> [Records from a data collection]
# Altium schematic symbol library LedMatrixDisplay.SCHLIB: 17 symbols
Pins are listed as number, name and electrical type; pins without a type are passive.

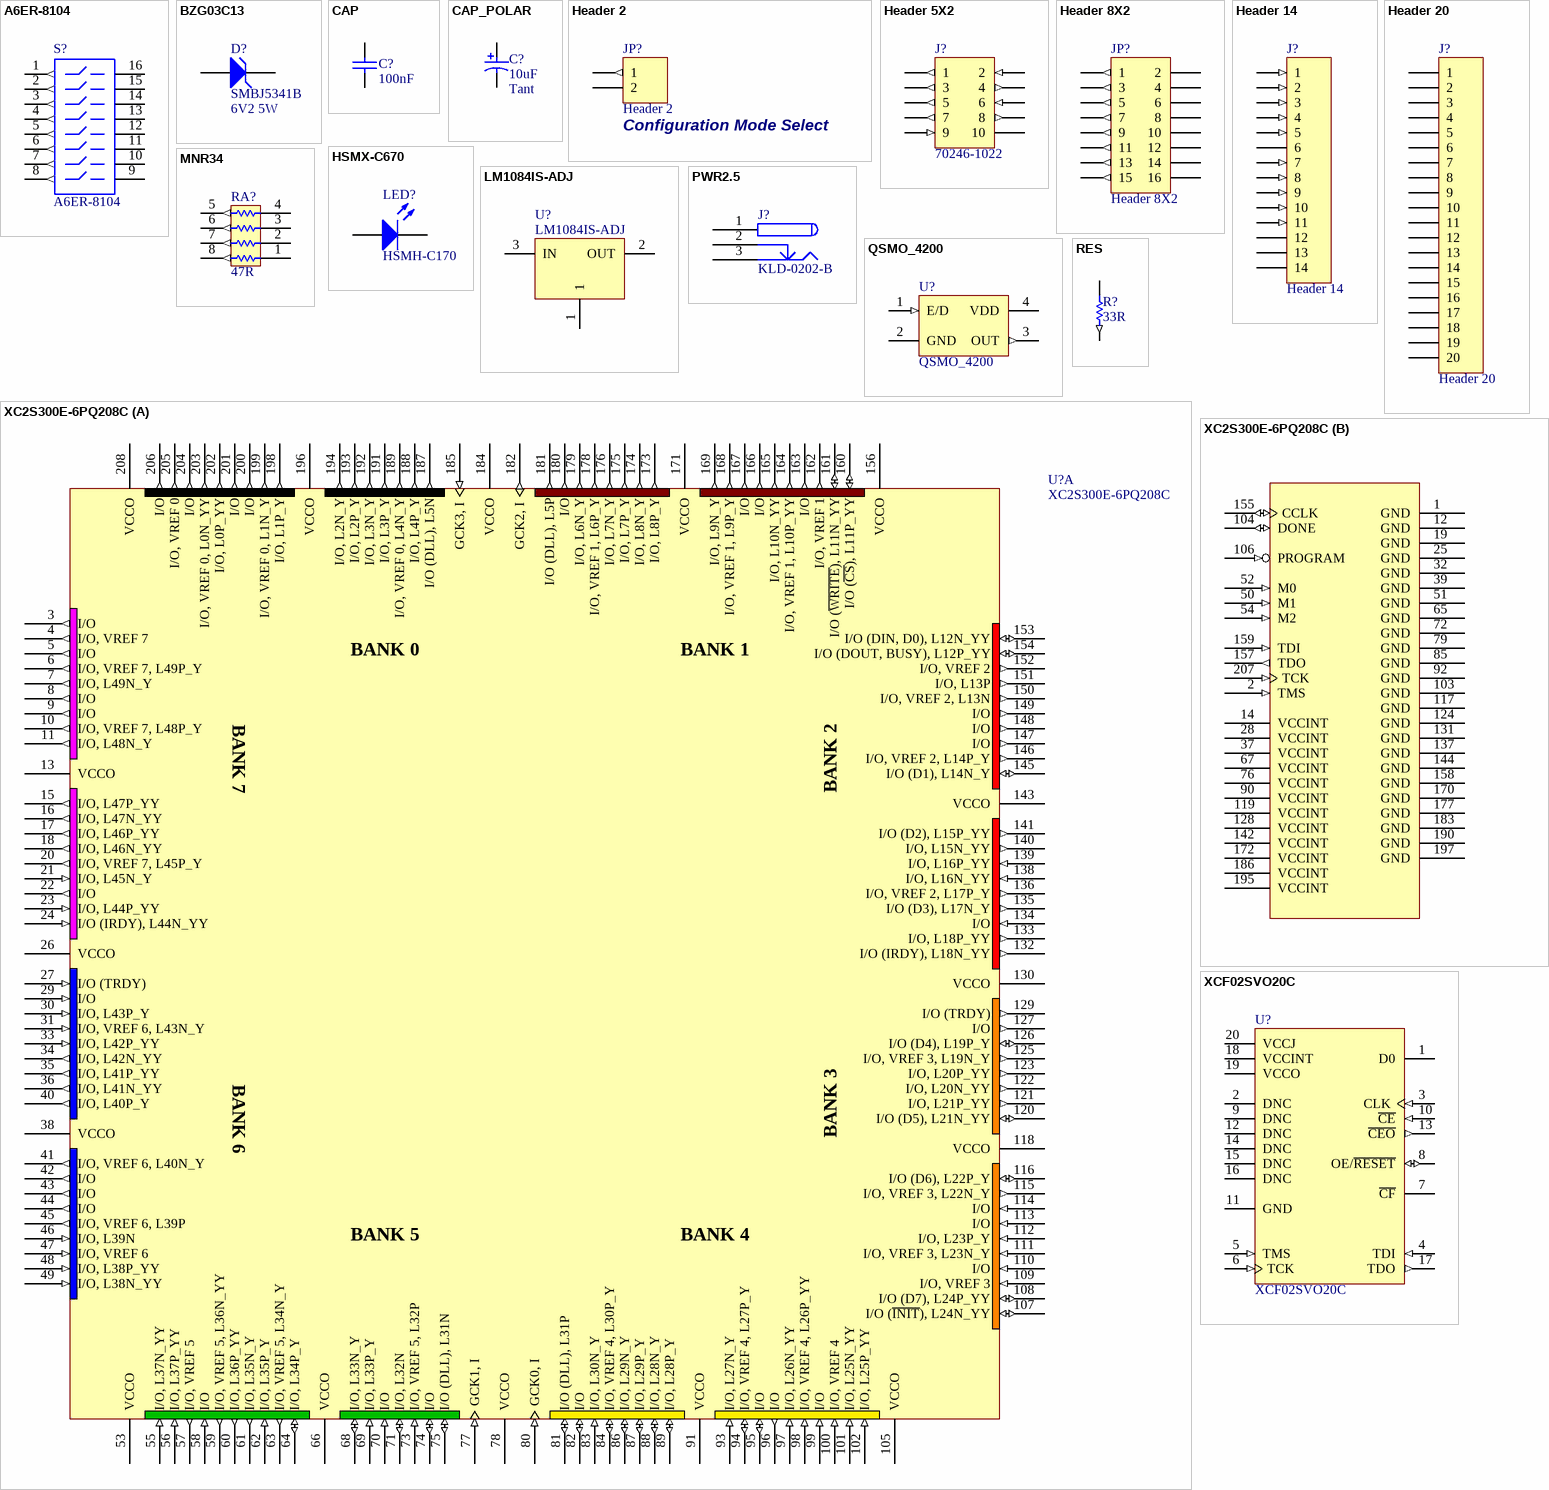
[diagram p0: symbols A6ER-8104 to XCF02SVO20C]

## A6ER-8104
designator S?
DIP Switch Side actuator long liver Piano Key; Manufacturer: Generic Components; Fitted: True
footprint DIP-16-KEY
simulation model dpsw8 (Spice Subcircuit)
pins: 1 (out), 2 (out), 3 (out), 4 (out), 5 (out), 6 (out), 7 (out), 8 (out), 9, 10, 11, 12, 13, 14, 15, 16

## BZG03C13
designator D?, comment SMBJ5341B  Part Description: 6V2 5W
Zener Diode, 6.2V, 5W; Manufacturer: Microsemi; Fitted: True
footprint DO214
pins: 1 A, 2 K

## CAP
designator C?, comment 100nF
Capacitor; Fitted: False
footprint CC1005-0402 (0402 Capacitor)
footprint CC1608-0603 (0603 Capacitor)
footprint CC2012-0805
footprint CC3216-1206 (1206 Capacitor)
footprint CC3225-1210 (1210 Capacitor)
pins: 1, 2

## CAP_POLAR
designator C?, comment 10uF  Capacitor Type: Tant
Polar Capacitor; Fitted: True
footprint MCCT-A (3216 Polar Capacitor)
footprint MCCT-B
footprint MCCT-C (6032 Polar Capacitor)
footprint MCCT-D (7343 Polar Capacitor)
pins: 1, 2

## Header 2
designator JP?  Usage: Configuration Mode Select
Header, 2-Pin; Manufacturer: Generic Components; Class I: Connector; Fitted: True
footprint HDR1X2
signal-integrity model Connector
pins: 1 (out), 2

## Header 5X2
designator J?, comment 70246-1022
Header, 5-Pin, Dual row; Manufacturer: Molex; Class I: Connector; Fitted: True
signal-integrity model Connector
footprint HDR2X5_LP
pins: 1 (out), 2 (in), 3 (out), 4 (out), 5 (out), 6 (in), 7 (out), 8 (out), 9 (in), 10 (power)

## Header 8X2
designator JP?
Header, 8-Pin, Dual row; Manufacturer: Generic Components; Class I: Connector
footprint HDR2X8
signal-integrity model Connector
pins: 1 (out), 2, 3 (out), 4, 5 (out), 6, 7 (out), 8, 9 (out), 10, 11 (out), 12, 13 (out), 14, 15 (out), 16

## Header 14
designator J?
Header, 14-Pin; Manufacturer: Generic Components; Class I: Connector
footprint HDR1X14
signal-integrity model Connector
pins: 1 (in), 2 (in), 3 (in), 4 (in), 5 (in), 6, 7 (in), 8 (in), 9 (in), 10 (in), 11 (in), 12, 13, 14

## Header 20
designator J?
Header, 20-Pin; Manufacturer: Generic Components; Class I: Connector
footprint HDR2X10
signal-integrity model Connector
pins: 1, 2, 3, 4, 5, 6, 7, 8, 9, 10, 11, 12, 13, 14, 15, 16, 17, 18, 19, 20

## HSMX-C670
designator LED?, comment HSMH-C170
Typical RED GaAs SMD LED Agilent make; Manufacturer: Generic Components; Class I: Optoelectronic; Fitted: True
footprint SMD _LED
simulation model LED1 (Diode)
pins: 1 A, 2 K

## LM1084IS-ADJ
designator U?
5A Low Dropout Possitive Regulators; Fitted: True
footprint TO-263
pins: 1 "Output", 2 OUT (power) "Output", 3 IN (power) "Input"

## MNR34
designator RA?, comment 47R
3216x4 Resistor Array; Fitted: True
footprint MNR34 (Footprint not found)
pins: 1, 2, 3, 4, 5 (out), 6 (out), 7 (out), 8 (out)

## PWR2.5
designator J?, comment KLD-0202-B
Low Voltage Power Supply Sonnector; Manufacturer: Kycon; Fitted: True
footprint KLD-0202
pins: 1 (power), 2 (power), 3 (power)

## QSMO_4200
designator U?
Surface Mount Crystal Oscillator; Fitted: False
footprint QSMO_4200
pins: 1 E/D (in) "Low Disables Clock", 2 GND (power), 3 OUT (out) "Output", 4 VDD (power)

## RES
designator R?, comment 33R
Resistor; Fitted: False
footprint CC1005-0402 (0402 Resistor)
footprint CC1310-0504 (0504 Resistor)
footprint CC1608-0603 (0603 Resistor)
footprint CC2012-0805
footprint CC3216-1206 (1206 Resistor)
footprint CC3225-1210 (1210 Resistor)
footprint CC4513-1805 (1805 Resistor)
footprint CC2512 (2512 Resistor)
pins: 1, 2 (out)

## XC2S300E-6PQ208C
designator U?
Spartan-IIE 1.8V FPGA, 208-Pin PQFP, Standard Performance, Commercial Grade; Package Information: Latest Revision: ver1.1, Oct-2002; Code - JEDEC: MS-029-FA-1
footprint PQ208 (208-Pin Plastic Quad Flat Pack (PQ208))
3D model XC2S300E-PQ208 (208-Pin Plastic Quad Flat Pack (PQ208))
part A pins: 3 I/O (out), 4 I/O, VREF 7 (out), 5 I/O (out), 6 I/O, VREF 7, L49P_Y (out), 7 I/O, L49N_Y (out), 8 I/O (out), 9 I/O (out), 10 I/O, VREF 7, L48P_Y (out), 11 I/O, L48N_Y (out), 13 VCCO (power), 15 I/O, L47P_YY (out), 16 I/O, L47N_YY (out), 17 I/O, L46P_YY (out), 18 I/O, L46N_YY (out), 20 I/O, VREF 7, L45P_Y (out), 21 I/O, L45N_Y (in), 22 I/O (out), 23 I/O, L44P_YY (in), 24 I/O (IRDY), L44N_YY (in), 26 VCCO (power), 27 I/O (TRDY) (in), 29 I/O (in), 30 I/O, L43P_Y (in), 31 I/O, VREF 6, L43N_Y (in), 33 I/O, L42P_YY (in), 34 I/O, L42N_YY (out), 35 I/O, L41P_YY (out), 36 I/O, L41N_YY (out), 38 VCCO (power), 40 I/O, L40P_Y (out), 41 I/O, VREF 6, L40N_Y (out), 42 I/O (out), 43 I/O (out), 44 I/O (out), 45 I/O, VREF 6, L39P (out), 46 I/O, L39N (in), 47 I/O, VREF 6 (in), 48 I/O, L38P_YY (in), 49 I/O, L38N_YY (in), 53 VCCO (power), 55 I/O, L37N_YY (in), 56 I/O, L37P_YY (in), 57 I/O, VREF 5 (out), 58 I/O (in), 59 I/O, VREF 5, L36N_YY (out), 60 I/O, L36P_YY (out), 61 I/O, L35N_Y (out), 62 I/O, L35P_Y (in), 63 I/O, VREF 5, L34N_Y (out), 64 I/O, L34P_Y (io), 66 VCCO (power), 68 I/O, L33N_Y (io), 69 I/O, L33P_Y (in), 70 I/O (in), 71 I/O, L32N (io), 73 I/O, VREF 5, L32P (in), 74 I/O (io), 75 I/O (DLL), L31N (io), 77 GCK1, I (in), 78 VCCO (power), 80 GCK0, I (in), 81 I/O (DLL), L31P (io), 82 I/O (io), 83 I/O, L30N_Y (in), 84 I/O, VREF 4, L30P_Y (io), 86 I/O, L29N_Y (io), 87 I/O, L29P_Y (io), 88 I/O, L28N_Y (io), 89 I/O, L28P_Y (io), 91 VCCO (power), 93 I/O, L27N_Y (in), 94 I/O, VREF 4, L27P_Y (io), 95 I/O (io), 96 I/O (out), 97 I/O, L26N_YY (in), 98 I/O, VREF 4, L26P_YY (in), 99 I/O (in), 100 I/O, VREF 4 (in), 101 I/O, L25N_YY (in), 102 I/O, L25P_YY (in), 105 VCCO (power), 107 I/O (~{INIT}), L24N_YY (io), 108 I/O (D7), L24P_YY (io), 109 I/O, VREF 3 (in), 110 I/O (in), 111 I/O, VREF 3, L23N_Y (in), 112 I/O, L23P_Y (in), 113 I/O (in), 114 I/O (in), 115 I/O, VREF 3, L22N_Y (out), 116 I/O (D6), L22P_Y (io), 118 VCCO (power), 120 I/O (D5), L21N_YY (io), 121 I/O, L21P_YY (out), 122 I/O, L20N_YY (out), 123 I/O, L20P_YY (out), 125 I/O, VREF 3, L19N_Y (out), 126 I/O (D4), L19P_Y (io), 127 I/O (out), 129 I/O (TRDY) (out), 130 VCCO (power), 132 I/O (IRDY), L18N_YY (out), 133 I/O, L18P_YY (out), 134 I/O (in), 135 I/O (D3), L17N_Y (out), 136 I/O, VREF 2, L17P_Y (out), 138 I/O, L16N_YY (in), 139 I/O, L16P_YY (in), 140 I/O, L15N_YY (out), 141 I/O (D2), L15P_YY (out), 143 VCCO (power), 145 I/O (D1), L14N_Y (io), 146 I/O, VREF 2, L14P_Y (out), 147 I/O (out), 148 I/O (out), 149 I/O (out), 150 I/O, VREF 2, L13N (out), 151 I/O, L13P (out), 152 I/O, VREF 2 (out), 153 I/O (DIN, D0), L12N_YY (io), 154 I/O (DOUT, BUSY), L12P_YY (io), 156 VCCO (power), 160 I/O (~{CS}), L11P_YY (io), 161 I/O (~{WRITE}), L11N_YY (io), 162 I/O, VREF 1 (out), 163 I/O (out), 164 I/O, VREF 1, L10P_YY (out), 165 I/O, L10N_YY (out), 166 I/O (out), 167 I/O (out), 168 I/O, VREF 1, L9P_Y (out), 169 I/O, L9N_Y (out), 171 VCCO (power), 173 I/O, L8P_Y (out), 174 I/O, L8N_Y (out), 175 I/O, L7P_Y (out), 176 I/O, L7N_Y (out), 178 I/O, VREF 1, L6P_Y (out), 179 I/O, L6N_Y (out), 180 I/O (out), 181 I/O (DLL), L5P (out), 182 GCK2, I (out), 184 VCCO (power), 185 GCK3, I (in), 187 I/O (DLL), L5N (out), 188 I/O, L4P_Y (out), 189 I/O, VREF 0, L4N_Y (out), 191 I/O, L3P_Y (out), 192 I/O, L3N_Y (out), 193 I/O, L2P_Y (out), 194 I/O, L2N_Y (out), 196 VCCO (power), 198 I/O, L1P_Y (out), 199 I/O, VREF 0, L1N_Y (out), 200 I/O (out), 201 I/O (out), 202 I/O, L0P_YY (out), 203 I/O, VREF 0, L0N_YY (out), 204 I/O (out), 205 I/O, VREF 0 (out), 206 I/O (out), 208 VCCO (power)
part B pins: 1 GND (power), 2 TMS (in), 12 GND (power), 14 VCCINT (power), 19 GND (power), 25 GND (power), 28 VCCINT (power), 32 GND (power), 37 VCCINT (power), 39 GND (power), 50 M1 (in), 51 GND (power), 52 M0 (in), 54 M2 (in), 65 GND (power), 67 VCCINT (power), 72 GND (power), 76 VCCINT (power), 79 GND (power), 85 GND (power), 90 VCCINT (power), 92 GND (power), 103 GND (power), 104 DONE (io), 106 PROGRAM (in), 117 GND (power), 119 VCCINT (power), 124 GND (power), 128 VCCINT (power), 131 GND (power), 137 GND (power), 142 VCCINT (power), 144 GND (power), 155 CCLK (io), 157 TDO (out), 158 GND (power), 159 TDI (in), 170 GND (power), 172 VCCINT (power), 177 GND (power), 183 GND (power), 186 VCCINT (power), 190 GND (power), 195 VCCINT (power), 197 GND (power), 207 TCK (in)

## XCF02SVO20C
designator U?
XCF00S Series, Platform Flash In-System Programmable Configuration 3.3V PROM, 20-Pin TSOP, 2-Megabit, Commercial Grade; Manufacturer: Xilinx; Package Information: Latest Revision: ver1.0, May-2003; Code - JEDEC: MO-153-AC
footprint VO20 (20-Lead TSOP (VO20))
pins: 1 D0 (hiz) "Serial Data Output, for configuring an FPGA in serial mode.", 2 DNC "Leave Unconnected.", 3 CLK (in) "Configuration Clock Input.", 4 TDI (in) "JTAG Serial Data Input.", 5 TMS (in) "JTAG Mode Select Input.", 6 TCK (in) "JTAG Test Clock Input.", 7 ~{CF} (oc) "Configuration Pulse (Open-Drain Output).", 8 OE/~{RESET} (io) "Output Enable/Reset (Open-Drain I/O).", 9 DNC "Leave Unconnected.", 10 ~{CE} (in) "Chip Enable Input.", 11 GND (power) "Ground", 12 DNC "Leave Unconnected.", 13 ~{CEO} (out) "Chip Enable Output, connects to the CE input of the next PROM in the chain.", 14 DNC "Leave Unconnected.", 15 DNC "Leave Unconnected.", 16 DNC "Leave Unconnected.", 17 TDO (out) "JTAG Serial Data Output.", 18 VCCINT (power) "+3.3V Supply for internal logic.", 19 VCCO (power) "+3.3V, 2.5V, or 1.8V I/O Supply.", 20 VCCJ (power) "+3.3V or 2.5V JTAG Signals I/O Supply."

> [TASK GOAL] Omit the pictures. Print, word for word, the lines from the beginning of the entries above through the line that holds "Header, 20-Pin; Manufacturer: Generic".

> [TASK OUTPUT]
# Altium schematic symbol library LedMatrixDisplay.SCHLIB: 17 symbols
Pins are listed as number, name and electrical type; pins without a type are passive.

[diagram p0: symbols A6ER-8104 to XCF02SVO20C]

## A6ER-8104
designator S?
DIP Switch Side actuator long liver Piano Key; Manufacturer: Generic Components; Fitted: True
footprint DIP-16-KEY
simulation model dpsw8 (Spice Subcircuit)
pins: 1 (out), 2 (out), 3 (out), 4 (out), 5 (out), 6 (out), 7 (out), 8 (out), 9, 10, 11, 12, 13, 14, 15, 16

## BZG03C13
designator D?, comment SMBJ5341B  Part Description: 6V2 5W
Zener Diode, 6.2V, 5W; Manufacturer: Microsemi; Fitted: True
footprint DO214
pins: 1 A, 2 K

## CAP
designator C?, comment 100nF
Capacitor; Fitted: False
footprint CC1005-0402 (0402 Capacitor)
footprint CC1608-0603 (0603 Capacitor)
footprint CC2012-0805
footprint CC3216-1206 (1206 Capacitor)
footprint CC3225-1210 (1210 Capacitor)
pins: 1, 2

## CAP_POLAR
designator C?, comment 10uF  Capacitor Type: Tant
Polar Capacitor; Fitted: True
footprint MCCT-A (3216 Polar Capacitor)
footprint MCCT-B
footprint MCCT-C (6032 Polar Capacitor)
footprint MCCT-D (7343 Polar Capacitor)
pins: 1, 2

## Header 2
designator JP?  Usage: Configuration Mode Select
Header, 2-Pin; Manufacturer: Generic Components; Class I: Connector; Fitted: True
footprint HDR1X2
signal-integrity model Connector
pins: 1 (out), 2

## Header 5X2
designator J?, comment 70246-1022
Header, 5-Pin, Dual row; Manufacturer: Molex; Class I: Connector; Fitted: True
signal-integrity model Connector
footprint HDR2X5_LP
pins: 1 (out), 2 (in), 3 (out), 4 (out), 5 (out), 6 (in), 7 (out), 8 (out), 9 (in), 10 (power)

## Header 8X2
designator JP?
Header, 8-Pin, Dual row; Manufacturer: Generic Components; Class I: Connector
footprint HDR2X8
signal-integrity model Connector
pins: 1 (out), 2, 3 (out), 4, 5 (out), 6, 7 (out), 8, 9 (out), 10, 11 (out), 12, 13 (out), 14, 15 (out), 16

## Header 14
designator J?
Header, 14-Pin; Manufacturer: Generic Components; Class I: Connector
footprint HDR1X14
signal-integrity model Connector
pins: 1 (in), 2 (in), 3 (in), 4 (in), 5 (in), 6, 7 (in), 8 (in), 9 (in), 10 (in), 11 (in), 12, 13, 14

## Header 20
designator J?
Header, 20-Pin; Manufacturer: Generic Components; Class I: Connector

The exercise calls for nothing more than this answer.